With the release of the FOMC minutes this week and with a clear shift to a more hawkish tone regarding an interest rate increase, investors finally left their tantrum behavior behind.

That is meant as giving credit to investors.

Until the FOMC finally follows through with some clear action to complement their more clear words, there’s no reason for accolades.

Besides, clarity and consistency should be the minimally accepted behaviors from the more mature and rational FOMC, after all, how could you ever expect any kind of rational behavior down below, if those above are unable to get on the same page?

That stock market’s earlier tantrum like behavior was manifested by multiple instances of indiscriminate selling whenever the very thought of low interest rates being taken away from them presented itself.

The FOMC didn’t help things by airing individual member conflicts in opinion and sending conflicting messages. It’s easy to look at investors as an irrational bunch that is very often guided by emotion over analysis and is prone to outbursts, but as a parent, the FOMC did little to create an environment to limit that kind of behavior.

Unlike parents who do have some mandates, guiding the behavior of the stock market isn’t one of the Federal Reserve’s mandates, although as long as they’re having admitted to watching economic events in China and allowing them to become part of their decision tree, you would think that they would also watch over some fairly important events here, as investors can’t necessarily be counted upon to control their own infantile behavior.

Unfortunately, the market hasn’t really shown what it wants, as it has gone back and forth between being disappointed about the prospects of a rise in interest rates to greeting those prospects as the good news it should be reflecting.

Sometimes parents can’t quite figure their child out, but dispensing with consistent and unified messages can only create more confusion for all.

Hopefully the market will get over its penchant for tantrums and irrational behavior, including the exuberance that Alan Greenspan once warned about, and the FOMC will be more mindful of the power it holds in creating adult like behavior in others

As usual, the week’s potential stock selections are classified as being in the Traditional, Double Dip Dividend, Momentum or “PEE” categories.

Over the past year there have been may false starts by the bond market in expectation of rising interest rates.

Theoretically, rising interest rates on bonds begins to make them more competitive of an alternative to stocks, but with those expectations for increasing rates, companies that stand to benefit from an interest rate environment are also expected to benefit from that kind of an environment.

MetLife (MET) and Morgan Stanley (MS) are two companies that I’m considering in the coming week, even as there has been somewhat of a breakdown in the association between rising interest rates and their share prices over the past month.

I’ve now owned shares of Morgan Stanley 4 times over the past 5 weeks, after having had shares assigned again this past week.
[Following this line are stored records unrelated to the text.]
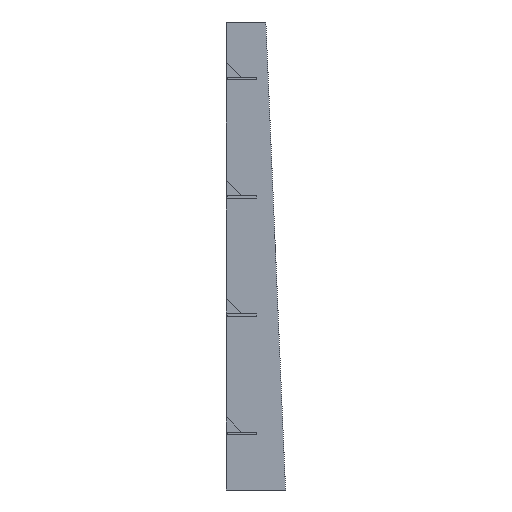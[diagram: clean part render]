
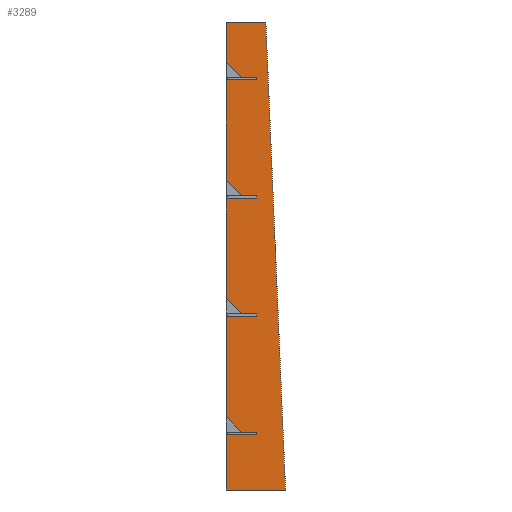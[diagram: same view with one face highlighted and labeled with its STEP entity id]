
A CAD part, left-side view. The second image highlights one B-rep face of the part: STEP entity #3289.
In plain terms, the highlighted planar face has unit normal (-1, 0, 0) as drawn and (0, 0, 1) by its records, which use the part's own axes.
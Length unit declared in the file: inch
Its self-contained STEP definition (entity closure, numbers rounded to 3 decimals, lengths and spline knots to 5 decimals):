
#213=FACE_OUTER_BOUND('',#377,.T.);
#377=EDGE_LOOP('',(#2771,#2772,#2773,#2774,#2775,#2776,#2777,#2778,#2779,
#2780,#2781,#2782,#2783,#2784,#2785,#2786,#2787,#2788,#2789,#2790,#2791,
#2792,#2793,#2794,#2795,#2796,#2797,#2798,#2799,#2800,#2801,#2802));
#722=LINE('',#5007,#1178);
#724=LINE('',#5012,#1180);
#728=LINE('',#5021,#1184);
#732=LINE('',#5028,#1188);
#735=LINE('',#5034,#1191);
#738=LINE('',#5042,#1194);
#742=LINE('',#5049,#1198);
#744=LINE('',#5052,#1200);
#747=LINE('',#5060,#1203);
#751=LINE('',#5067,#1207);
#754=LINE('',#5073,#1210);
#757=LINE('',#5081,#1213);
#761=LINE('',#5088,#1217);
#763=LINE('',#5091,#1219);
#766=LINE('',#5099,#1222);
#770=LINE('',#5106,#1226);
#773=LINE('',#5112,#1229);
#776=LINE('',#5120,#1232);
#780=LINE('',#5127,#1236);
#782=LINE('',#5130,#1238);
#783=LINE('',#5132,#1239);
#784=LINE('',#5133,#1240);
#785=LINE('',#5134,#1241);
#786=LINE('',#5136,#1242);
#787=LINE('',#5138,#1243);
#788=LINE('',#5140,#1244);
#789=LINE('',#5142,#1245);
#790=LINE('',#5144,#1246);
#791=LINE('',#5146,#1247);
#792=LINE('',#5148,#1248);
#793=LINE('',#5150,#1249);
#794=LINE('',#5151,#1250);
#1178=VECTOR('',#4087,0.3937);
#1180=VECTOR('',#4091,0.3937);
#1184=VECTOR('',#4097,0.3937);
#1188=VECTOR('',#4103,0.3937);
#1191=VECTOR('',#4108,0.3937);
#1194=VECTOR('',#4113,0.3937);
#1198=VECTOR('',#4119,0.3937);
#1200=VECTOR('',#4123,0.3937);
#1203=VECTOR('',#4128,0.3937);
#1207=VECTOR('',#4134,0.3937);
#1210=VECTOR('',#4139,0.3937);
#1213=VECTOR('',#4144,0.3937);
#1217=VECTOR('',#4150,0.3937);
#1219=VECTOR('',#4154,0.3937);
#1222=VECTOR('',#4159,0.3937);
#1226=VECTOR('',#4165,0.3937);
#1229=VECTOR('',#4170,0.3937);
#1232=VECTOR('',#4175,0.3937);
#1236=VECTOR('',#4181,0.3937);
#1238=VECTOR('',#4185,0.3937);
#1239=VECTOR('',#4188,0.3937);
#1240=VECTOR('',#4189,0.3937);
#1241=VECTOR('',#4190,0.3937);
#1242=VECTOR('',#4191,0.3937);
#1243=VECTOR('',#4192,0.3937);
#1244=VECTOR('',#4193,0.3937);
#1245=VECTOR('',#4194,0.3937);
#1246=VECTOR('',#4195,0.3937);
#1247=VECTOR('',#4196,0.3937);
#1248=VECTOR('',#4197,0.3937);
#1249=VECTOR('',#4198,0.3937);
#1250=VECTOR('',#4199,0.3937);
#1531=VERTEX_POINT('',#5000);
#1534=VERTEX_POINT('',#5005);
#1536=VERTEX_POINT('',#5011);
#1539=VERTEX_POINT('',#5018);
#1540=VERTEX_POINT('',#5020);
#1542=VERTEX_POINT('',#5026);
#1544=VERTEX_POINT('',#5032);
#1547=VERTEX_POINT('',#5039);
#1548=VERTEX_POINT('',#5041);
#1550=VERTEX_POINT('',#5047);
#1553=VERTEX_POINT('',#5057);
#1554=VERTEX_POINT('',#5059);
#1556=VERTEX_POINT('',#5065);
#1558=VERTEX_POINT('',#5071);
#1561=VERTEX_POINT('',#5078);
#1562=VERTEX_POINT('',#5080);
#1564=VERTEX_POINT('',#5086);
#1567=VERTEX_POINT('',#5096);
#1568=VERTEX_POINT('',#5098);
#1570=VERTEX_POINT('',#5104);
#1572=VERTEX_POINT('',#5110);
#1575=VERTEX_POINT('',#5117);
#1576=VERTEX_POINT('',#5119);
#1578=VERTEX_POINT('',#5125);
#1579=VERTEX_POINT('',#5135);
#1580=VERTEX_POINT('',#5137);
#1581=VERTEX_POINT('',#5139);
#1582=VERTEX_POINT('',#5141);
#1583=VERTEX_POINT('',#5143);
#1584=VERTEX_POINT('',#5145);
#1585=VERTEX_POINT('',#5147);
#1586=VERTEX_POINT('',#5149);
#1938=EDGE_CURVE('',#1531,#1534,#722,.T.);
#1940=EDGE_CURVE('',#1536,#1531,#724,.T.);
#1944=EDGE_CURVE('',#1540,#1539,#728,.T.);
#1948=EDGE_CURVE('',#1539,#1542,#732,.T.);
#1951=EDGE_CURVE('',#1542,#1544,#735,.T.);
#1954=EDGE_CURVE('',#1548,#1547,#738,.T.);
#1958=EDGE_CURVE('',#1547,#1550,#742,.T.);
#1960=EDGE_CURVE('',#1550,#1540,#744,.T.);
#1963=EDGE_CURVE('',#1554,#1553,#747,.T.);
#1967=EDGE_CURVE('',#1553,#1556,#751,.T.);
#1970=EDGE_CURVE('',#1556,#1558,#754,.T.);
#1973=EDGE_CURVE('',#1562,#1561,#757,.T.);
#1977=EDGE_CURVE('',#1561,#1564,#761,.T.);
#1979=EDGE_CURVE('',#1564,#1554,#763,.T.);
#1982=EDGE_CURVE('',#1568,#1567,#766,.T.);
#1986=EDGE_CURVE('',#1567,#1570,#770,.T.);
#1989=EDGE_CURVE('',#1570,#1572,#773,.T.);
#1992=EDGE_CURVE('',#1576,#1575,#776,.T.);
#1996=EDGE_CURVE('',#1575,#1578,#780,.T.);
#1998=EDGE_CURVE('',#1578,#1568,#782,.T.);
#1999=EDGE_CURVE('',#1534,#1548,#783,.T.);
#2000=EDGE_CURVE('',#1544,#1562,#784,.T.);
#2001=EDGE_CURVE('',#1558,#1576,#785,.T.);
#2002=EDGE_CURVE('',#1572,#1579,#786,.T.);
#2003=EDGE_CURVE('',#1579,#1580,#787,.T.);
#2004=EDGE_CURVE('',#1580,#1581,#788,.T.);
#2005=EDGE_CURVE('',#1581,#1582,#789,.T.);
#2006=EDGE_CURVE('',#1582,#1583,#790,.T.);
#2007=EDGE_CURVE('',#1583,#1584,#791,.T.);
#2008=EDGE_CURVE('',#1584,#1585,#792,.T.);
#2009=EDGE_CURVE('',#1585,#1586,#793,.T.);
#2010=EDGE_CURVE('',#1586,#1536,#794,.T.);
#2771=ORIENTED_EDGE('',*,*,#1940,.T.);
#2772=ORIENTED_EDGE('',*,*,#1938,.T.);
#2773=ORIENTED_EDGE('',*,*,#1999,.T.);
#2774=ORIENTED_EDGE('',*,*,#1954,.T.);
#2775=ORIENTED_EDGE('',*,*,#1958,.T.);
#2776=ORIENTED_EDGE('',*,*,#1960,.T.);
#2777=ORIENTED_EDGE('',*,*,#1944,.T.);
#2778=ORIENTED_EDGE('',*,*,#1948,.T.);
#2779=ORIENTED_EDGE('',*,*,#1951,.T.);
#2780=ORIENTED_EDGE('',*,*,#2000,.T.);
#2781=ORIENTED_EDGE('',*,*,#1973,.T.);
#2782=ORIENTED_EDGE('',*,*,#1977,.T.);
#2783=ORIENTED_EDGE('',*,*,#1979,.T.);
#2784=ORIENTED_EDGE('',*,*,#1963,.T.);
#2785=ORIENTED_EDGE('',*,*,#1967,.T.);
#2786=ORIENTED_EDGE('',*,*,#1970,.T.);
#2787=ORIENTED_EDGE('',*,*,#2001,.T.);
#2788=ORIENTED_EDGE('',*,*,#1992,.T.);
#2789=ORIENTED_EDGE('',*,*,#1996,.T.);
#2790=ORIENTED_EDGE('',*,*,#1998,.T.);
#2791=ORIENTED_EDGE('',*,*,#1982,.T.);
#2792=ORIENTED_EDGE('',*,*,#1986,.T.);
#2793=ORIENTED_EDGE('',*,*,#1989,.T.);
#2794=ORIENTED_EDGE('',*,*,#2002,.T.);
#2795=ORIENTED_EDGE('',*,*,#2003,.T.);
#2796=ORIENTED_EDGE('',*,*,#2004,.T.);
#2797=ORIENTED_EDGE('',*,*,#2005,.T.);
#2798=ORIENTED_EDGE('',*,*,#2006,.T.);
#2799=ORIENTED_EDGE('',*,*,#2007,.T.);
#2800=ORIENTED_EDGE('',*,*,#2008,.T.);
#2801=ORIENTED_EDGE('',*,*,#2009,.T.);
#2802=ORIENTED_EDGE('',*,*,#2010,.T.);
#3125=PLANE('',#3514);
#3289=ADVANCED_FACE('',(#213),#3125,.T.);
#3514=AXIS2_PLACEMENT_3D('',#5131,#4186,#4187);
#4087=DIRECTION('',(0.,1.,0.));
#4091=DIRECTION('',(0.999,0.042,0.));
#4097=DIRECTION('',(0.,1.,0.));
#4103=DIRECTION('',(1.,0.,0.));
#4108=DIRECTION('',(0.,1.,0.));
#4113=DIRECTION('',(-0.703,-0.711,0.));
#4119=DIRECTION('',(0.,-1.,0.));
#4123=DIRECTION('',(-1.,0.,0.));
#4128=DIRECTION('',(0.,1.,0.));
#4134=DIRECTION('',(1.,0.,0.));
#4139=DIRECTION('',(0.,1.,0.));
#4144=DIRECTION('',(-0.703,-0.711,0.));
#4150=DIRECTION('',(0.,-1.,0.));
#4154=DIRECTION('',(-1.,0.,0.));
#4159=DIRECTION('',(0.,1.,0.));
#4165=DIRECTION('',(1.,0.,0.));
#4170=DIRECTION('',(0.,1.,0.));
#4175=DIRECTION('',(-0.703,-0.711,0.));
#4181=DIRECTION('',(0.,-1.,0.));
#4185=DIRECTION('',(-1.,0.,0.));
#4186=DIRECTION('center_axis',(0.,0.,1.));
#4187=DIRECTION('ref_axis',(1.,0.,0.));
#4188=DIRECTION('',(-1.,0.,0.));
#4189=DIRECTION('',(-1.,0.,0.));
#4190=DIRECTION('',(-1.,0.,0.));
#4191=DIRECTION('',(-1.,0.,0.));
#4192=DIRECTION('',(-0.703,-0.711,0.));
#4193=DIRECTION('',(0.,-1.,0.));
#4194=DIRECTION('',(-1.,0.,0.));
#4195=DIRECTION('',(0.,1.,0.));
#4196=DIRECTION('',(1.,0.,0.));
#4197=DIRECTION('',(0.,1.,0.));
#4198=DIRECTION('',(-1.,0.,0.));
#4199=DIRECTION('',(0.,-1.,0.));
#5000=CARTESIAN_POINT('',(95.,2.,0.48));
#5005=CARTESIAN_POINT('',(95.,10.,0.48));
#5007=CARTESIAN_POINT('',(95.,0.,0.48));
#5011=CARTESIAN_POINT('',(0.,-2.,0.48));
#5012=CARTESIAN_POINT('',(71.35508,1.00442,0.48));
#5018=CARTESIAN_POINT('',(83.25,9.375,0.48));
#5020=CARTESIAN_POINT('',(83.25,4.375,0.48));
#5021=CARTESIAN_POINT('',(83.25,7.1875,0.48));
#5026=CARTESIAN_POINT('',(83.495,9.375,0.48));
#5028=CARTESIAN_POINT('',(65.4975,9.375,0.48));
#5032=CARTESIAN_POINT('',(83.495,10.,0.48));
#5034=CARTESIAN_POINT('',(83.495,7.5,0.48));
#5039=CARTESIAN_POINT('',(83.75,6.875,0.48));
#5041=CARTESIAN_POINT('',(86.8409,10.,0.48));
#5042=CARTESIAN_POINT('',(74.31821,-2.66085,0.48));
#5047=CARTESIAN_POINT('',(83.75,4.375,0.48));
#5049=CARTESIAN_POINT('',(83.75,4.6875,0.48));
#5052=CARTESIAN_POINT('',(65.375,4.375,0.48));
#5057=CARTESIAN_POINT('',(59.25,9.375,0.48));
#5059=CARTESIAN_POINT('',(59.25,4.375,0.48));
#5060=CARTESIAN_POINT('',(59.25,7.1875,0.48));
#5065=CARTESIAN_POINT('',(59.495,9.375,0.48));
#5067=CARTESIAN_POINT('',(53.4975,9.375,0.48));
#5071=CARTESIAN_POINT('',(59.495,10.,0.48));
#5073=CARTESIAN_POINT('',(59.495,7.5,0.48));
#5078=CARTESIAN_POINT('',(59.75,6.875,0.48));
#5080=CARTESIAN_POINT('',(62.8409,10.,0.48));
#5081=CARTESIAN_POINT('',(56.25238,3.33879,0.48));
#5086=CARTESIAN_POINT('',(59.75,4.375,0.48));
#5088=CARTESIAN_POINT('',(59.75,4.6875,0.48));
#5091=CARTESIAN_POINT('',(53.375,4.375,0.48));
#5096=CARTESIAN_POINT('',(35.25,9.375,0.48));
#5098=CARTESIAN_POINT('',(35.25,4.375,0.48));
#5099=CARTESIAN_POINT('',(35.25,7.1875,0.48));
#5104=CARTESIAN_POINT('',(35.495,9.375,0.48));
#5106=CARTESIAN_POINT('',(41.4975,9.375,0.48));
#5110=CARTESIAN_POINT('',(35.495,10.,0.48));
#5112=CARTESIAN_POINT('',(35.495,7.5,0.48));
#5117=CARTESIAN_POINT('',(35.75,6.875,0.48));
#5119=CARTESIAN_POINT('',(38.8409,10.,0.48));
#5120=CARTESIAN_POINT('',(38.18655,9.33843,0.48));
#5125=CARTESIAN_POINT('',(35.75,4.375,0.48));
#5127=CARTESIAN_POINT('',(35.75,4.6875,0.48));
#5130=CARTESIAN_POINT('',(41.375,4.375,0.48));
#5131=CARTESIAN_POINT('Origin',(47.5,5.,0.48));
#5132=CARTESIAN_POINT('',(95.,10.,0.48));
#5133=CARTESIAN_POINT('',(95.,10.,0.48));
#5134=CARTESIAN_POINT('',(95.,10.,0.48));
#5135=CARTESIAN_POINT('',(14.8409,10.,0.48));
#5136=CARTESIAN_POINT('',(95.,10.,0.48));
#5137=CARTESIAN_POINT('',(11.75,6.875,0.48));
#5138=CARTESIAN_POINT('',(20.12072,15.33807,0.48));
#5139=CARTESIAN_POINT('',(11.75,4.375,0.48));
#5140=CARTESIAN_POINT('',(11.75,4.6875,0.48));
#5141=CARTESIAN_POINT('',(11.25,4.375,0.48));
#5142=CARTESIAN_POINT('',(29.375,4.375,0.48));
#5143=CARTESIAN_POINT('',(11.25,9.375,0.48));
#5144=CARTESIAN_POINT('',(11.25,7.1875,0.48));
#5145=CARTESIAN_POINT('',(11.495,9.375,0.48));
#5146=CARTESIAN_POINT('',(29.4975,9.375,0.48));
#5147=CARTESIAN_POINT('',(11.495,10.,0.48));
#5148=CARTESIAN_POINT('',(11.495,7.5,0.48));
#5149=CARTESIAN_POINT('',(0.,10.,0.48));
#5150=CARTESIAN_POINT('',(95.,10.,0.48));
#5151=CARTESIAN_POINT('',(0.,10.,0.48));

It has tracked the 10 Year Treasury Note’s performance better than has MetLife over the past month, but it has dragged in its magnitude of change during that time.

Following a precipitous earnings related decline last month shares have been working their way higher, but I would consider buying shares again on any kind of weakness that may bring it closer to $33.50, although I may still be interested in shares if they remain flat as the coming week begins. Even with a trading shortened week, due to the Thanksgiving holiday, the call option premiums are reflecting some greater volatility in these shares and perhaps expectations for shares to continue tracking the 10 Year Treasury note higher.

MetLife, on the other hand, hasn’t tracked the 10 Year Treasury note very well, at all, in the past month, neither in magnitude, nor in direction. Not unexpectedly, its option premium doesn’t reflect quite the same expectation for it to track interest rates as reliably as Morgan Stanley, but may still be sufficient of an ROI for a 4 day trading week that brings us that much closer to a potential FOMC decision to raise those rates.

The days when Pfizer (PFE) was among the first and foremost on everyone’s list of pharmaceutical companies ended when Genentech came on the scene. Since then, Genentech has been rolled back into its parent and many others have come on the scene, as Pfizer has seemed to fade from the conversation.

But with what may be an impending inversion deal with Ireland’s Allergan (AGN), it is most definitely back in the headlines.

Having fallen about 9% in the past 3 weeks and with an option premium that’s reflecting some of the excitement that may be awaiting, I look at this as a good opportunity to establish a new position and would be willing to keep this one for a while, as long as the dividend is still part of the equation.

After a couple of downgrades and a lowering of price targets, Darden Restaurants (DRI) seems to have fallen out of favor with analysts, after the significant management changes following a successful proxy fight earlier in the year.

Darden reports earnings prior to the end of the December 2015 option cycle and having fallen about 10% in the past 10 days, unless there is some shocking news ahead, much of the disappointment may have already played out.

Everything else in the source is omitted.